Collected data:

────────────────

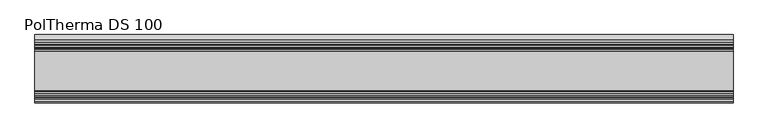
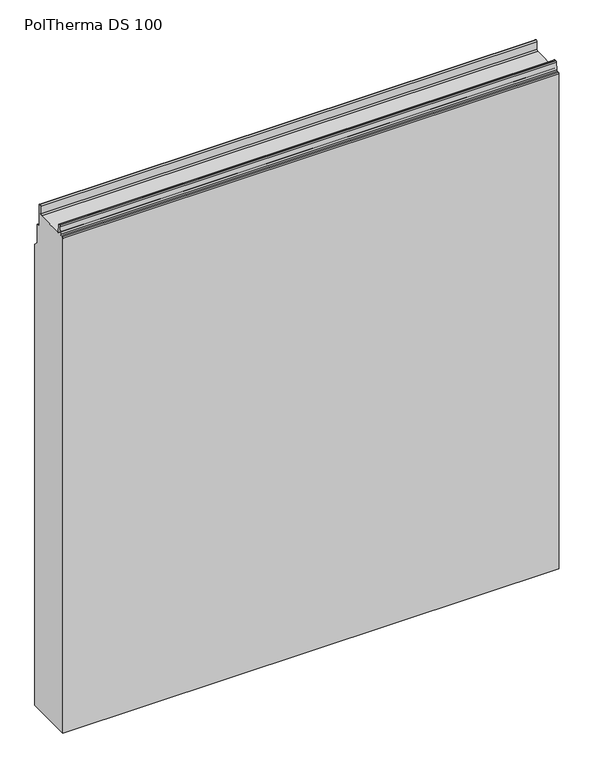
"""IFC4 building model written with IfcOpenShell, lengths in millimetres: plate geometry, Europanels_Poltherma DS_Hz : PolTherma DS 100."""

from ifc_helpers import new_model, si_unit, frame, origin, place, context, project, spatial, polyline, circle_curve, source, transform, mapped, element, save
from ifc_brep_helpers import plane_surface, cylinder_surface, revolved_surface, advanced_brep


def poltherma_ds_100_d88b4380(model_context):
    return source(origin(), model_context, "Body", "AdvancedBrep", [
        advanced_brep(
        [(512.5, 50.0, 0.0), (512.5, 50.0, 1006.0403652), (512.5, 41.9993224, 1014.5306815), (512.5, 41.9993224, 1053.783709), (512.5, 39.5003388, 1056.2826927), (512.5, 36.4964005, 1056.2826927), (512.5, 33.9927587, 1058.7863345), (512.5, 33.9927587, 1102.0320728), (512.5, 31.7320949, 1104.2927366), (512.5, 29.3625931, 1102.12865), (512.5, 28.6828547, 1085.5928147), (512.5, 26.3196392, 1083.2879082), (512.5, -31.7227962, 1081.7845566), (512.5, -33.7207985, 1083.6951741), (512.5, -34.4459609, 1099.8739391), (512.5, -36.4439626, 1101.784556), (512.5, -39.1932037, 1101.784556), (512.5, -41.1890147, 1099.9139331), (512.5, -42.2429781, 1083.6551788), (512.5, -44.2387891, 1081.784556), (512.5, -48.0, 1081.784556), (512.5, -50.0, 1079.784556), (512.5, -50.0, 0.0), (-512.5, 50.0, 0.0), (-512.5, -50.0, 0.0), (-512.5, -50.0, 1079.784556), (-512.5, -48.0, 1081.784556), (-512.5, -44.2387891, 1081.784556), (-512.5, -42.2429781, 1083.6551788), (-512.5, -41.1890147, 1099.9139331), (-512.5, -39.1932037, 1101.784556), (-512.5, -36.4439626, 1101.784556), (-512.5, -34.4459609, 1099.8739391), (-512.5, -33.7221833, 1083.6951728), (-512.5, -31.7227962, 1081.7845566), (-512.5, 26.3196392, 1083.2879082), (-512.5, 28.6828547, 1085.5928147), (-512.5, 29.3363956, 1102.1234406), (-512.5, 31.7320949, 1104.2927366), (-512.5, 33.9927587, 1102.0320728), (-512.5, 33.9927587, 1058.7863345), (-512.5, 36.4964005, 1056.2826927), (-512.5, 39.5003388, 1056.2826927), (-512.5, 41.9993224, 1053.783709), (-512.5, 41.9993224, 1014.5306815), (-512.5, 50.0, 1006.0403652)],
        [
            (0, 1),
            (1, 2),
            (2, 3),
            (3, 4, circle_curve(frame((512.5, 39.5003388, 1053.783709), z_axis=(1.0, 0.0, 0.0), x_axis=(0.0, 1.0, 0.0)), 2.4989837)),
            (4, 5),
            (5, 6, circle_curve(frame((512.5, 36.4964005, 1058.7863345), z_axis=(-1.0, 0.0, 0.0), x_axis=(0.0, 1.0, 0.0)), 2.5036418)),
            (6, 7),
            (7, 8, circle_curve(frame((512.5, 31.7320949, 1102.0320728), z_axis=(1.0, 0.0, 0.0), x_axis=(0.0, 1.0, 0.0)), 2.2606638)),
            (8, 9, circle_curve(frame((512.5, 31.6169847, 1102.0395223), z_axis=(1.0, 0.0, 0.0), x_axis=(0.0, 1.0, 0.0)), 2.2561527)),
            (9, 10),
            (10, 11, circle_curve(frame((512.5, 26.1902185, 1085.784556), z_axis=(-1.0, 0.0, 0.0), x_axis=(0.0, 1.0, 0.0)), 2.5)),
            (11, 12),
            (12, 13, circle_curve(frame((512.5, -31.7227962, 1083.7845572), z_axis=(-1.0, 0.0, 0.0), x_axis=(0.0, 1.0, 0.0)), 2.0000006)),
            (13, 14),
            (14, 15, circle_curve(frame((512.5, -36.4439626, 1099.784556), z_axis=(1.0, 0.0, 0.0), x_axis=(0.0, 1.0, 0.0)), 2.0)),
            (15, 16),
            (16, 17, circle_curve(frame((512.5, -39.1932037, 1099.784556), z_axis=(1.0, 0.0, 0.0), x_axis=(0.0, 1.0, 0.0)), 2.0)),
            (17, 18),
            (18, 19, circle_curve(frame((512.5, -44.2387891, 1083.784556), z_axis=(-1.0, 0.0, 0.0), x_axis=(0.0, 1.0, 0.0)), 2.0)),
            (19, 20),
            (20, 21, circle_curve(frame((512.5, -48.0, 1079.784556), z_axis=(1.0, 0.0, 0.0), x_axis=(0.0, 1.0, 0.0)), 2.0)),
            (21, 22),
            (22, 0),
            (23, 24),
            (24, 25),
            (25, 26, circle_curve(frame((-512.5, -48.0, 1079.784556), z_axis=(-1.0, 0.0, 0.0), x_axis=(0.0, 1.0, 0.0)), 2.0)),
            (26, 27),
            (27, 28, circle_curve(frame((-512.5, -44.2387891, 1083.784556), z_axis=(1.0, 0.0, 0.0), x_axis=(0.0, 1.0, 0.0)), 2.0)),
            (28, 29),
            (29, 30, circle_curve(frame((-512.5, -39.1932037, 1099.784556), z_axis=(-1.0, 0.0, 0.0), x_axis=(0.0, 1.0, 0.0)), 2.0)),
            (30, 31),
            (31, 32, circle_curve(frame((-512.5, -36.4439626, 1099.784556), z_axis=(-1.0, 0.0, 0.0), x_axis=(0.0, 1.0, 0.0)), 2.0)),
            (32, 33),
            (33, 34, circle_curve(frame((-512.5, -31.7227962, 1083.7845572), z_axis=(1.0, 0.0, 0.0), x_axis=(0.0, 1.0, 0.0)), 2.0000006)),
            (34, 35),
            (35, 36, circle_curve(frame((-512.5, 26.1902185, 1085.784556), z_axis=(1.0, 0.0, 0.0), x_axis=(0.0, 1.0, 0.0)), 2.5)),
            (36, 37),
            (37, 38, circle_curve(frame((-512.5, 31.6169847, 1102.0395223), z_axis=(-1.0, 0.0, 0.0), x_axis=(0.0, 1.0, 0.0)), 2.2561527)),
            (38, 39, circle_curve(frame((-512.5, 31.7320949, 1102.0320728), z_axis=(-1.0, 0.0, 0.0), x_axis=(0.0, 1.0, 0.0)), 2.2606638)),
            (39, 40),
            (40, 41, circle_curve(frame((-512.5, 36.4964005, 1058.7863345), z_axis=(1.0, 0.0, 0.0), x_axis=(0.0, 1.0, 0.0)), 2.5036418)),
            (41, 42),
            (42, 43, circle_curve(frame((-512.5, 39.5003388, 1053.783709), z_axis=(-1.0, 0.0, 0.0), x_axis=(0.0, 1.0, 0.0)), 2.4989837)),
            (43, 44),
            (44, 45),
            (45, 23),
            (0, 23),
            (45, 1),
            (44, 2),
            (43, 3),
            (42, 4),
            (41, 5),
            (40, 6),
            (39, 7),
            (38, 8),
            (37, 9),
            (36, 10),
            (35, 11),
            (34, 12),
            (33, 13),
            (32, 14),
            (31, 15),
            (30, 16),
            (29, 17),
            (28, 18),
            (27, 19),
            (26, 20),
            (25, 21),
            (24, 22),
        ],
        [
            plane_surface(frame((512.5, 50.0, 1006.0403652), z_axis=(1.0, 0.0, 0.0), x_axis=(0.0, 0.0, 1.0))),
            plane_surface(frame((-512.5, 50.0, 1006.0403652), z_axis=(-1.0, 0.0, 0.0), x_axis=(0.0, 0.0, -1.0))),
            plane_surface(frame((512.5, 50.0, 0.0), z_axis=(0.0, 1.0, 0.0), x_axis=(-1.0, 0.0, 0.0))),
            plane_surface(frame((512.5, 50.0, 1006.0403652), z_axis=(0.0, 0.7277809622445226, 0.6858096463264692), x_axis=(-1.0, 0.0, 0.0))),
            plane_surface(frame((512.5, 41.9993224, 1014.5306815), z_axis=(0.0, 1.0, 0.0), x_axis=(-1.0, 0.0, 0.0))),
            cylinder_surface(frame((-512.5, 39.5003388, 1053.783709), z_axis=(1.0, 0.0, 0.0), x_axis=(0.0, 1.0, 0.0)), 2.4989837),
            plane_surface(frame((512.5, 39.5003388, 1056.2826927), z_axis=(0.0, 0.0, 1.0), x_axis=(-1.0, 0.0, 0.0))),
            revolved_surface(polyline([(-512.5, 39.0000423, 1058.7863345), (512.5, 39.0000423, 1058.7863345)]), (-512.5, 36.4964005, 1058.7863345), (-1.0, 0.0, 0.0)),
            plane_surface(frame((512.5, 33.9927587, 1058.7863345), z_axis=(0.0, 1.0, 0.0), x_axis=(-1.0, 0.0, 0.0))),
            cylinder_surface(frame((-512.5, 31.7320949, 1102.0320728), z_axis=(1.0, 0.0, 0.0), x_axis=(0.0, 1.0, 0.0)), 2.2606638),
            cylinder_surface(frame((-512.5, 31.6169847, 1102.0395223), z_axis=(1.0, 0.0, 0.0), x_axis=(0.0, 1.0, 0.0)), 2.2561527),
            plane_surface(frame((512.5, 29.3363956, 1102.1234406), z_axis=(0.0, -0.9992194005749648, 0.03950429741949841), x_axis=(-1.0, 0.0, 0.0))),
            revolved_surface(polyline([(-512.5, 28.6902185, 1085.784556), (512.5, 28.6902185, 1085.784556)]), (-512.5, 26.1902185, 1085.784556), (-1.0, 0.0, 0.0)),
            plane_surface(frame((512.5, 26.3196392, 1083.2879082), z_axis=(0.0, -0.025892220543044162, 0.999664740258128), x_axis=(-1.0, 0.0, 0.0))),
            revolved_surface(polyline([(-512.5, -29.7227956, 1083.7845572), (512.5, -29.7227956, 1083.7845572)]), (-512.5, -31.7227962, 1083.7845572), (-1.0, 0.0, 0.0)),
            plane_surface(frame((512.5, -33.7221833, 1083.6951728), z_axis=(0.0, 0.9990008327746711, 0.044691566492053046), x_axis=(-1.0, 0.0, 0.0))),
            cylinder_surface(frame((-512.5, -36.4439626, 1099.784556), z_axis=(1.0, 0.0, 0.0), x_axis=(0.0, 1.0, 0.0)), 2.0),
            plane_surface(frame((512.5, -36.4439626, 1101.784556), z_axis=(0.0, 0.0, 1.0), x_axis=(-1.0, 0.0, 0.0))),
            cylinder_surface(frame((-512.5, -39.1932037, 1099.784556), z_axis=(1.0, 0.0, 0.0), x_axis=(0.0, 1.0, 0.0)), 2.0),
            plane_surface(frame((512.5, -41.1890147, 1099.9139331), z_axis=(0.0, -0.9979054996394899, 0.06468859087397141), x_axis=(-1.0, 0.0, 0.0))),
            revolved_surface(polyline([(-512.5, -42.2387891, 1083.784556), (512.5, -42.2387891, 1083.784556)]), (-512.5, -44.2387891, 1083.784556), (-1.0, 0.0, 0.0)),
            plane_surface(frame((512.5, -44.2387891, 1081.784556), z_axis=(0.0, 0.0, 1.0), x_axis=(-1.0, 0.0, 0.0))),
            cylinder_surface(frame((-512.5, -48.0, 1079.784556), z_axis=(1.0, 0.0, 0.0), x_axis=(0.0, 1.0, 0.0)), 2.0),
            plane_surface(frame((512.5, -50.0, 1079.784556), z_axis=(0.0, -1.0, 0.0), x_axis=(-1.0, 0.0, 0.0))),
            plane_surface(frame((512.5, -50.0, 0.0), z_axis=(0.0, 0.0, -1.0), x_axis=(-1.0, 0.0, 0.0))),
        ],
        [
            (0, [[1, 2, 3, 4, 5, 6, 7, 8, 9, 10, 11, 12, 13, 14, 15, 16, 17, 18, 19, 20, 21, 22, 23]]),
            (1, [[24, 25, 26, 27, 28, 29, 30, 31, 32, 33, 34, 35, 36, 37, 38, 39, 40, 41, 42, 43, 44, 45, 46]]),
            (2, [[-1, 47, -46, 48]]),
            (3, [[-2, -48, -45, 49]]),
            (4, [[-3, -49, -44, 50]]),
            (5, [[-4, -50, -43, 51]]),
            (6, [[-5, -51, -42, 52]]),
            (7, [[-6, -52, -41, 53]]),
            (8, [[-7, -53, -40, 54]]),
            (9, [[-8, -54, -39, 55]]),
            (10, [[-9, -55, -38, 56]]),
            (11, [[-10, -56, -37, 57]]),
            (12, [[-11, -57, -36, 58]]),
            (13, [[-12, -58, -35, 59]]),
            (14, [[-13, -59, -34, 60]]),
            (15, [[-14, -60, -33, 61]]),
            (16, [[-15, -61, -32, 62]]),
            (17, [[-16, -62, -31, 63]]),
            (18, [[-17, -63, -30, 64]]),
            (19, [[-18, -64, -29, 65]]),
            (20, [[-19, -65, -28, 66]]),
            (21, [[-20, -66, -27, 67]]),
            (22, [[-21, -67, -26, 68]]),
            (23, [[-22, -68, -25, 69]]),
            (24, [[-23, -69, -24, -47]]),
        ],
    ),
    ])


if __name__ == "__main__":
    model = new_model("IFC4")
    model_context = context("Model", 3, world=origin())
    ifc_project = project(units=[si_unit("LENGTHUNIT", "METRE", prefix="MILLI")], contexts=[model_context])
    site = spatial("IfcSite", under=ifc_project)
    building = spatial("IfcBuilding", under=site)
    placement = place(None, origin())
    poltherma_ds_100_shape = poltherma_ds_100_d88b4380(model_context)
    element("IfcPlate", 1, ObjectType="Europanels_Poltherma DS_Hz : PolTherma DS 100", at=placement, inside=building, context=model_context, shape_type="MappedRepresentation", body=[
        mapped(poltherma_ds_100_shape, transform((0.0, 0.0, 0.0), x_axis=(1.0, 0.0, 0.0), y_axis=(0.0, 1.0, 0.0), z_axis=(0.0, 0.0, 1.0))),
    ])
    save(model, "model.ifc")

────────────────

WORK TO BE COMPLETED:
If a line of the records above holds the word "placement", show it.

TASK OUTPUT:
    placement = place(None, origin())
    element("IfcPlate", 1, ObjectType="Europanels_Poltherma DS_Hz : PolTherma DS 100", at=placement, inside=building, context=model_context, shape_type="MappedRepresentation", body=[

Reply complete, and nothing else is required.